7. The PARTIES agree that this AGREEMENT is a written stipulation between the PARTIES and their counsel, that any PARTY to this AGREEMENT may enter a copy of this executed AGREEMENT into the record of this LAWSUIT by filing it with the Clerk of Court, and that such filing shall satisfy the requirements of Rule 43(k), South Carolina Rules of Civil Procedure with regard to the binding effect of this AGREEMENT.

8. It is further understood and agreed that this AGREEMENT is the compromise of doubtful and disputed CLAIMS and that neither the negotiation of the terms, conditions or other provisions, nor the performance of this AGREEMENT, shall be (a) deemed or construed in any manner whatsoever to be an admission of liability by any PARTY hereto for any purpose, or (b) used by any PARTY hereto for any purpose other than the enforcement of the provisions hereof, provided, however, that nothing in this Paragraph shall affect the validity of the releases and other agreements set forth in this AGREEMENT.

9. The PARTIES represent that they have full authority to enter into, execute, and perform this AGREEMENT and to compromise the CLAIMS or potential CLAIMS referred to herein, that they are or represent the lawful owners of all CLAIMS being settled herein and have not assigned or transferred any of the CLAIMS released herein.

10. Each PARTY represents that it has determined that this AGREEMENT is fair and reasonable under all the circumstances and that this determination has been based solely upon independent judgment after reviewing this AGREEMENT in its entirety and consulting with counsel, and that, in making this determination, each has had an adequate opportunity to discuss and assess the merits of all CLAIMS or potential CLAIMS. Each PARTY further agrees that no fact, event, evidence, circumstance or transaction relating directly or indirectly to the CLAIMS, or which could have been asserted in the LAWSUIT, or which may hereafter be discovered, shall affect in any manner the final and unconditional nature of the Agreement and covenants set forth herein.

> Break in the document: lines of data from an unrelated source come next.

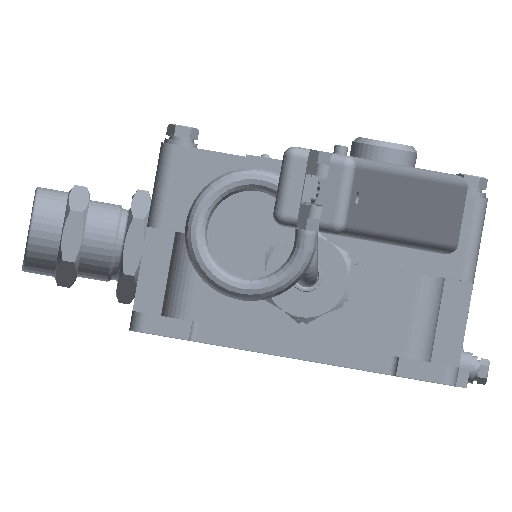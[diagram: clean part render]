
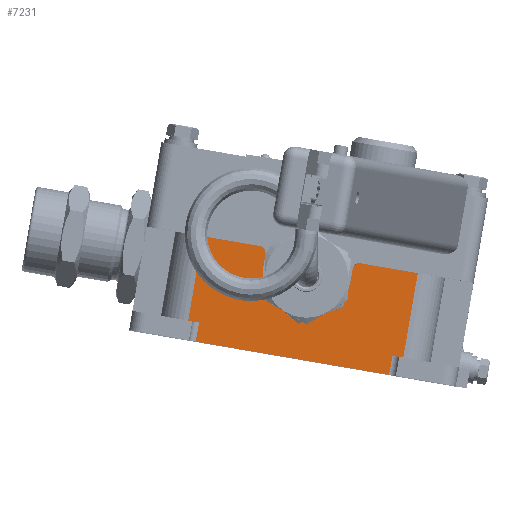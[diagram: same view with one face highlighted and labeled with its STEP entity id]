
A CAD part, top view. The second image highlights one B-rep face of the part: STEP entity #7231.
In plain terms, the highlighted planar face has unit normal (0, 0, 1) as drawn and (1, 0, 0) by its records, which use the part's own axes.
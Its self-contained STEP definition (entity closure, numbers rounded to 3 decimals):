
#7231=ADVANCED_FACE('',(#33003),#33005,.T.);
#33003=FACE_BOUND('',#33004,.T.);
#33004=EDGE_LOOP('',(#136577,#136578,#136579,#136580,#136581,#136582,#136583,#136584,
#136585,#136586,#136587,#136588,#136589,#136590));
#33005=PLANE('',#33006);
#33006=AXIS2_PLACEMENT_3D('',#33007,#33008,#33009);
#33007=CARTESIAN_POINT('',(49.5,-39.5,7.));
#33008=DIRECTION('',(1.,0.,0.));
#33009=DIRECTION('',(0.,1.,0.));
#136577=ORIENTED_EDGE('',*,*,#219075,.F.);
#136578=ORIENTED_EDGE('',*,*,#219118,.F.);
#136579=ORIENTED_EDGE('',*,*,#219116,.F.);
#136580=ORIENTED_EDGE('',*,*,#219114,.F.);
#136581=ORIENTED_EDGE('',*,*,#219112,.F.);
#136582=ORIENTED_EDGE('',*,*,#219110,.F.);
#136583=ORIENTED_EDGE('',*,*,#219120,.F.);
#136584=ORIENTED_EDGE('',*,*,#219121,.T.);
#136585=ORIENTED_EDGE('',*,*,#219122,.T.);
#136586=ORIENTED_EDGE('',*,*,#219123,.F.);
#136587=ORIENTED_EDGE('',*,*,#219124,.F.);
#136588=ORIENTED_EDGE('',*,*,#219125,.T.);
#136589=ORIENTED_EDGE('',*,*,#219126,.T.);
#136590=ORIENTED_EDGE('',*,*,#219076,.F.);
#219075=EDGE_CURVE('',#260749,#260747,#260751,.T.);
#219076=EDGE_CURVE('',#260747,#260752,#260753,.F.);
#219110=EDGE_CURVE('',#260814,#260806,#260816,.F.);
#219112=EDGE_CURVE('',#260806,#260819,#260820,.T.);
#219114=EDGE_CURVE('',#260819,#260822,#260823,.T.);
#219116=EDGE_CURVE('',#260822,#260825,#260826,.T.);
#219118=EDGE_CURVE('',#260825,#260749,#260828,.T.);
#219120=EDGE_CURVE('',#260831,#260814,#260832,.T.);
#219121=EDGE_CURVE('',#260831,#260833,#260834,.T.);
#219122=EDGE_CURVE('',#260833,#260835,#260836,.T.);
#219123=EDGE_CURVE('',#260837,#260835,#260838,.T.);
#219124=EDGE_CURVE('',#260839,#260837,#260840,.T.);
#219125=EDGE_CURVE('',#260839,#260841,#260842,.T.);
#219126=EDGE_CURVE('',#260841,#260752,#260843,.T.);
#260747=VERTEX_POINT('',#332060);
#260749=VERTEX_POINT('',#332064);
#260751=CIRCLE('',#332068,2.5);
#260752=VERTEX_POINT('',#332072);
#260753=LINE('',#332073,#332074);
#260806=VERTEX_POINT('',#332200);
#260814=VERTEX_POINT('',#332216);
#260816=LINE('',#332221,#332222);
#260819=VERTEX_POINT('',#332229);
#260820=CIRCLE('',#332230,2.5);
#260822=VERTEX_POINT('',#332237);
#260823=LINE('',#332238,#332239);
#260825=VERTEX_POINT('',#332244);
#260826=CIRCLE('',#332245,16.);
#260828=LINE('',#332252,#332253);
#260831=VERTEX_POINT('',#332260);
#260832=LINE('',#332261,#332262);
#260833=VERTEX_POINT('',#332264);
#260834=LINE('',#332265,#332266);
#260835=VERTEX_POINT('',#332268);
#260836=LINE('',#332269,#332270);
#260837=VERTEX_POINT('',#332272);
#260838=LINE('',#332273,#332274);
#260839=VERTEX_POINT('',#332276);
#260840=LINE('',#332277,#332278);
#260841=VERTEX_POINT('',#332280);
#260842=LINE('',#332281,#332282);
#260843=LINE('',#332284,#332285);
#332060=CARTESIAN_POINT('',(49.5,18.5,38.));
#332064=CARTESIAN_POINT('',(49.5,16.,35.5));
#332068=AXIS2_PLACEMENT_3D('',#332069,#332070,#332071);
#332069=CARTESIAN_POINT('',(49.5,18.5,35.5));
#332070=DIRECTION('',(-1.,0.,0.));
#332071=DIRECTION('',(0.,-1.,0.));
#332072=CARTESIAN_POINT('',(49.5,39.5,38.));
#332073=CARTESIAN_POINT('',(49.5,39.5,38.));
#332074=VECTOR('',#332075,1.);
#332075=DIRECTION('',(0.,-1.,0.));
#332200=CARTESIAN_POINT('',(49.5,-18.5,38.));
#332216=CARTESIAN_POINT('',(49.5,-39.5,38.));
#332221=CARTESIAN_POINT('',(49.5,-18.5,38.));
#332222=VECTOR('',#332223,1.);
#332223=DIRECTION('',(0.,-1.,0.));
#332229=CARTESIAN_POINT('',(49.5,-16.,35.5));
#332230=AXIS2_PLACEMENT_3D('',#332231,#332232,#332233);
#332231=CARTESIAN_POINT('',(49.5,-18.5,35.5));
#332232=DIRECTION('',(-1.,0.,0.));
#332233=DIRECTION('',(0.,0.,1.));
#332237=CARTESIAN_POINT('',(49.5,-16.,31.));
#332238=CARTESIAN_POINT('',(49.5,-16.,35.5));
#332239=VECTOR('',#332240,1.);
#332240=DIRECTION('',(0.,0.,-1.));
#332244=CARTESIAN_POINT('',(49.5,16.,31.));
#332245=AXIS2_PLACEMENT_3D('',#332246,#332247,#332248);
#332246=CARTESIAN_POINT('',(49.5,0.,31.));
#332247=DIRECTION('',(1.,0.,0.));
#332248=DIRECTION('',(0.,-1.,0.));
#332252=CARTESIAN_POINT('',(49.5,16.,31.));
#332253=VECTOR('',#332254,1.);
#332254=DIRECTION('',(0.,0.,1.));
#332260=CARTESIAN_POINT('',(49.5,-39.5,7.));
#332261=CARTESIAN_POINT('',(49.5,-39.5,7.));
#332262=VECTOR('',#332263,1.);
#332263=DIRECTION('',(0.,0.,1.));
#332264=CARTESIAN_POINT('',(49.5,-35.5,7.));
#332265=CARTESIAN_POINT('',(49.5,-39.5,7.));
#332266=VECTOR('',#332267,1.);
#332267=DIRECTION('',(0.,1.,0.));
#332268=CARTESIAN_POINT('',(49.5,-35.5,0.));
#332269=CARTESIAN_POINT('',(49.5,-35.5,7.));
#332270=VECTOR('',#332271,1.);
#332271=DIRECTION('',(0.,0.,-1.));
#332272=CARTESIAN_POINT('',(49.5,35.5,0.));
#332273=CARTESIAN_POINT('',(49.5,35.5,0.));
#332274=VECTOR('',#332275,1.);
#332275=DIRECTION('',(0.,-1.,0.));
#332276=CARTESIAN_POINT('',(49.5,35.5,7.));
#332277=CARTESIAN_POINT('',(49.5,35.5,7.));
#332278=VECTOR('',#332279,1.);
#332279=DIRECTION('',(0.,0.,-1.));
#332280=CARTESIAN_POINT('',(49.5,39.5,7.));
#332281=CARTESIAN_POINT('',(49.5,35.5,7.));
#332282=VECTOR('',#332283,1.);
#332283=DIRECTION('',(0.,1.,0.));
#332284=CARTESIAN_POINT('',(49.5,39.5,7.));
#332285=VECTOR('',#332286,1.);
#332286=DIRECTION('',(0.,0.,1.));

11. This AGREEMENT shall be binding upon the PARTIES and their heirs, executors, administrators, successors and assigns.

12. This AGREEMENT is deemed entered into in the State of South Carolina, and shall be construed and interpreted in accordance with the laws of the State of South Carolina.

13. The PARTIES agree to cooperate in the creation and execution of such additional documents as may be necessary in order to carry out the provisions of this AGREEMENT.

14. This AGREEMENT contains the entire agreement between the PARTIES, and the terms of this AGREEMENT may not be modified except by a written instrument duly signed by each PARTY. There are no promises or representations upon which any PARTY relied in deciding to enter into this AGREEMENT, except those that are expressly stated herein.

15. This AGREEMENT may be executed in any number of counterparts, each of which shall be deemed an original, but all of which shall constitute one and the same instrument.

16. This AGREEMENT shall be effective as of the date of execution by the PARTIES. If the PARTIES execute the AGREEMENT on different days, the later of the dates of execution shall be the effective date.

IN WITNESS WHEREOF, the PARTIES have each caused this AGREEMENT to be executed on the date or dates as set forth below.

[Signature pages to follow]

Studsvik Processing Facility Limited Liability Company
d/b/a Studsvik Processing Facility Erwin, LLC
BY: ____________________________
ITS: ____________________________

__________________________________
John F. Beach
Attorney for Plaintiff


South Carolina State Budget and Control Board,
an Agency of the State of South Carolina
BY: ___________________________
ITS: ___________________________

_________________________________
Kenneth P. Woodington
Attorney for Defendant South Carolina State Budget and Control Board

Chem-Nuclear Systems, L.L.C.

BY: ___________________________
ITS: ___________________________

_______________________________________
Robert T. Bockman
Attorney for Defendant Chem-Nuclear Systems, L.L.C.